(Items from a data source)
☆ ☆ ☆ ☆ ☆

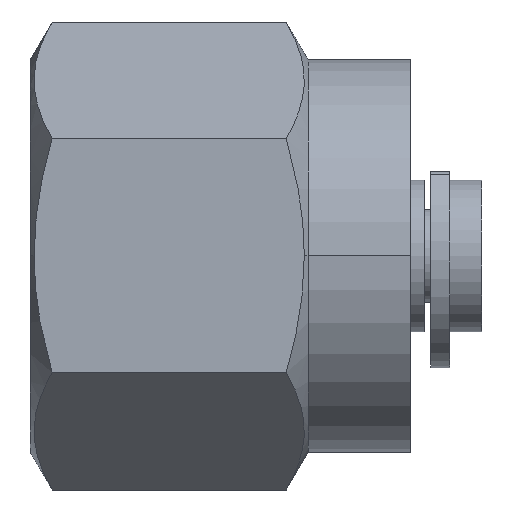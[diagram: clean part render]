
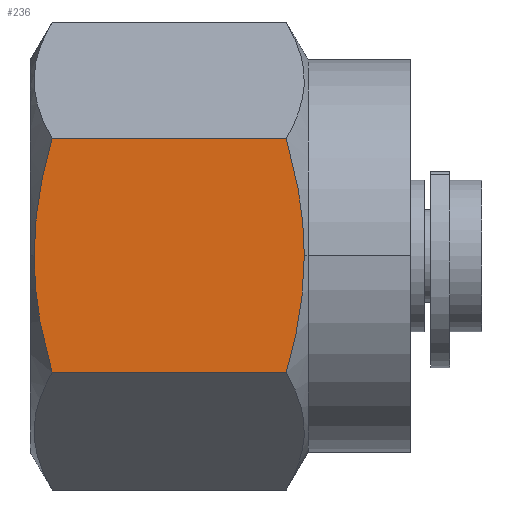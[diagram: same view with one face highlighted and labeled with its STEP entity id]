
A CAD part, top view. The second image highlights one B-rep face of the part: STEP entity #236.
In plain terms, the highlighted planar face has unit normal (0, 0, 1).
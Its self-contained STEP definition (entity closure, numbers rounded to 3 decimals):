
#35 = EDGE_CURVE ( 'NONE', #276, #231, #846, .T. ) ;
#231 = VERTEX_POINT ( 'NONE', #1376 ) ;
#232 = VERTEX_POINT ( 'NONE', #1501 ) ;
#233 = ORIENTED_EDGE ( 'NONE', *, *, #275, .F. ) ;
#234 = ORIENTED_EDGE ( 'NONE', *, *, #242, .F. ) ;
#236 = ADVANCED_FACE ( 'NONE', ( #1500 ), #1498, .F. ) ;
#237 = EDGE_LOOP ( 'NONE', ( #233, #234, #1745, #1748, #1746, #3112 ) ) ;
#241 = EDGE_CURVE ( 'NONE', #232, #231, #1531, .T. ) ;
#242 = EDGE_CURVE ( 'NONE', #324, #277, #1527, .T. ) ;
#275 = EDGE_CURVE ( 'NONE', #277, #276, #1616, .T. ) ;
#276 = VERTEX_POINT ( 'NONE', #1660 ) ;
#277 = VERTEX_POINT ( 'NONE', #1617 ) ;
#324 = VERTEX_POINT ( 'NONE', #1730 ) ;
#332 = VERTEX_POINT ( 'NONE', #1951 ) ;
#336 = EDGE_CURVE ( 'NONE', #332, #324, #1936, .T. ) ;
#846 = B_SPLINE_CURVE_WITH_KNOTS ( 'NONE', 3,
 ( #913, #912, #911, #910, #909, #908 ),
 .UNSPECIFIED., .F., .F.,
 ( 4, 2, 4 ),
 ( 0.01, 0.012, 0.014 ),
 .UNSPECIFIED. ) ;
#908 = CARTESIAN_POINT ( 'NONE',  ( 0.683, 3.666, 6.35 ) ) ;
#909 = CARTESIAN_POINT ( 'NONE',  ( 0.511, 3.073, 6.35 ) ) ;
#910 = CARTESIAN_POINT ( 'NONE',  ( 0.369, 2.473, 6.35 ) ) ;
#911 = CARTESIAN_POINT ( 'NONE',  ( 0.17, 1.249, 6.35 ) ) ;
#912 = CARTESIAN_POINT ( 'NONE',  ( 0.115, 0.621, 6.35 ) ) ;
#913 = CARTESIAN_POINT ( 'NONE',  ( 0.115, 0., 6.35 ) ) ;
#1376 = CARTESIAN_POINT ( 'NONE',  ( 0.683, 3.666, 6.35 ) ) ;
#1483 = DIRECTION ( 'NONE',  ( 0., 1., 0. ) ) ;
#1484 = DIRECTION ( 'NONE',  ( 0., 0., -1. ) ) ;
#1485 = CARTESIAN_POINT ( 'NONE',  ( 11.9, 3.666, 6.35 ) ) ;
#1498 = PLANE ( 'NONE',  #1499 ) ;
#1499 = AXIS2_PLACEMENT_3D ( 'NONE', #1485, #1484, #1483 ) ;
#1500 = FACE_OUTER_BOUND ( 'NONE', #237, .T. ) ;
#1501 = CARTESIAN_POINT ( 'NONE',  ( 8.017, 3.666, 6.35 ) ) ;
#1524 = DIRECTION ( 'NONE',  ( -1., 0., 0. ) ) ;
#1525 = VECTOR ( 'NONE', #1524, 1000. ) ;
#1526 = CARTESIAN_POINT ( 'NONE',  ( 11.9, -3.666, 6.35 ) ) ;
#1527 = LINE ( 'NONE', #1526, #1525 ) ;
#1528 = DIRECTION ( 'NONE',  ( -1., 0., 0. ) ) ;
#1529 = VECTOR ( 'NONE', #1528, 1000. ) ;
#1530 = CARTESIAN_POINT ( 'NONE',  ( 11.9, 3.666, 6.35 ) ) ;
#1531 = LINE ( 'NONE', #1530, #1529 ) ;
#1616 = B_SPLINE_CURVE_WITH_KNOTS ( 'NONE', 3,
 ( #1658, #1657, #1656, #1655, #1654, #1653 ),
 .UNSPECIFIED., .F., .F.,
 ( 4, 2, 4 ),
 ( 0.007, 0.009, 0.01 ),
 .UNSPECIFIED. ) ;
#1617 = CARTESIAN_POINT ( 'NONE',  ( 0.683, -3.666, 6.35 ) ) ;
#1653 = CARTESIAN_POINT ( 'NONE',  ( 0.115, 0., 6.35 ) ) ;
#1654 = CARTESIAN_POINT ( 'NONE',  ( 0.115, -0.62, 6.35 ) ) ;
#1655 = CARTESIAN_POINT ( 'NONE',  ( 0.169, -1.236, 6.35 ) ) ;
#1656 = CARTESIAN_POINT ( 'NONE',  ( 0.366, -2.459, 6.35 ) ) ;
#1657 = CARTESIAN_POINT ( 'NONE',  ( 0.51, -3.069, 6.35 ) ) ;
#1658 = CARTESIAN_POINT ( 'NONE',  ( 0.683, -3.666, 6.35 ) ) ;
#1660 = CARTESIAN_POINT ( 'NONE',  ( 0.115, 0., 6.35 ) ) ;
#1730 = CARTESIAN_POINT ( 'NONE',  ( 8.017, -3.666, 6.35 ) ) ;
#1745 = ORIENTED_EDGE ( 'NONE', *, *, #336, .F. ) ;
#1746 = ORIENTED_EDGE ( 'NONE', *, *, #241, .T. ) ;
#1748 = ORIENTED_EDGE ( 'NONE', *, *, #1759, .F. ) ;
#1759 = EDGE_CURVE ( 'NONE', #232, #332, #2675, .T. ) ;
#1928 = CARTESIAN_POINT ( 'NONE',  ( 8.017, -3.666, 6.35 ) ) ;
#1929 = CARTESIAN_POINT ( 'NONE',  ( 8.19, -3.069, 6.35 ) ) ;
#1930 = CARTESIAN_POINT ( 'NONE',  ( 8.334, -2.459, 6.35 ) ) ;
#1931 = CARTESIAN_POINT ( 'NONE',  ( 8.531, -1.236, 6.35 ) ) ;
#1932 = CARTESIAN_POINT ( 'NONE',  ( 8.585, -0.62, 6.35 ) ) ;
#1933 = CARTESIAN_POINT ( 'NONE',  ( 8.585, 0., 6.35 ) ) ;
#1936 = B_SPLINE_CURVE_WITH_KNOTS ( 'NONE', 3,
 ( #1933, #1932, #1931, #1930, #1929, #1928 ),
 .UNSPECIFIED., .F., .F.,
 ( 4, 2, 4 ),
 ( 0.025, 0.027, 0.029 ),
 .UNSPECIFIED. ) ;
#1951 = CARTESIAN_POINT ( 'NONE',  ( 8.585, 0., 6.35 ) ) ;
#2666 = CARTESIAN_POINT ( 'NONE',  ( 8.585, 0., 6.35 ) ) ;
#2667 = CARTESIAN_POINT ( 'NONE',  ( 8.585, 0.62, 6.35 ) ) ;
#2668 = CARTESIAN_POINT ( 'NONE',  ( 8.53, 1.249, 6.35 ) ) ;
#2669 = CARTESIAN_POINT ( 'NONE',  ( 8.331, 2.473, 6.35 ) ) ;
#2670 = CARTESIAN_POINT ( 'NONE',  ( 8.189, 3.073, 6.35 ) ) ;
#2671 = CARTESIAN_POINT ( 'NONE',  ( 8.017, 3.666, 6.35 ) ) ;
#2675 = B_SPLINE_CURVE_WITH_KNOTS ( 'NONE', 3,
 ( #2671, #2670, #2669, #2668, #2667, #2666 ),
 .UNSPECIFIED., .F., .F.,
 ( 4, 2, 4 ),
 ( 0.022, 0.024, 0.025 ),
 .UNSPECIFIED. ) ;
#3112 = ORIENTED_EDGE ( 'NONE', *, *, #35, .F. ) ;

☆ ☆ ☆ ☆ ☆

• **Goal of the exercise**
Write out exactly the final stretch of the records: the line containing "#2666 = CARTESIAN_POINT" and every line after it, through the last, and nothing else.

• **Response box**
#2666 = CARTESIAN_POINT ( 'NONE',  ( 8.585, 0., 6.35 ) ) ;
#2667 = CARTESIAN_POINT ( 'NONE',  ( 8.585, 0.62, 6.35 ) ) ;
#2668 = CARTESIAN_POINT ( 'NONE',  ( 8.53, 1.249, 6.35 ) ) ;
#2669 = CARTESIAN_POINT ( 'NONE',  ( 8.331, 2.473, 6.35 ) ) ;
#2670 = CARTESIAN_POINT ( 'NONE',  ( 8.189, 3.073, 6.35 ) ) ;
#2671 = CARTESIAN_POINT ( 'NONE',  ( 8.017, 3.666, 6.35 ) ) ;
#2675 = B_SPLINE_CURVE_WITH_KNOTS ( 'NONE', 3,
 ( #2671, #2670, #2669, #2668, #2667, #2666 ),
 .UNSPECIFIED., .F., .F.,
 ( 4, 2, 4 ),
 ( 0.022, 0.024, 0.025 ),
 .UNSPECIFIED. ) ;
#3112 = ORIENTED_EDGE ( 'NONE', *, *, #35, .F. ) ;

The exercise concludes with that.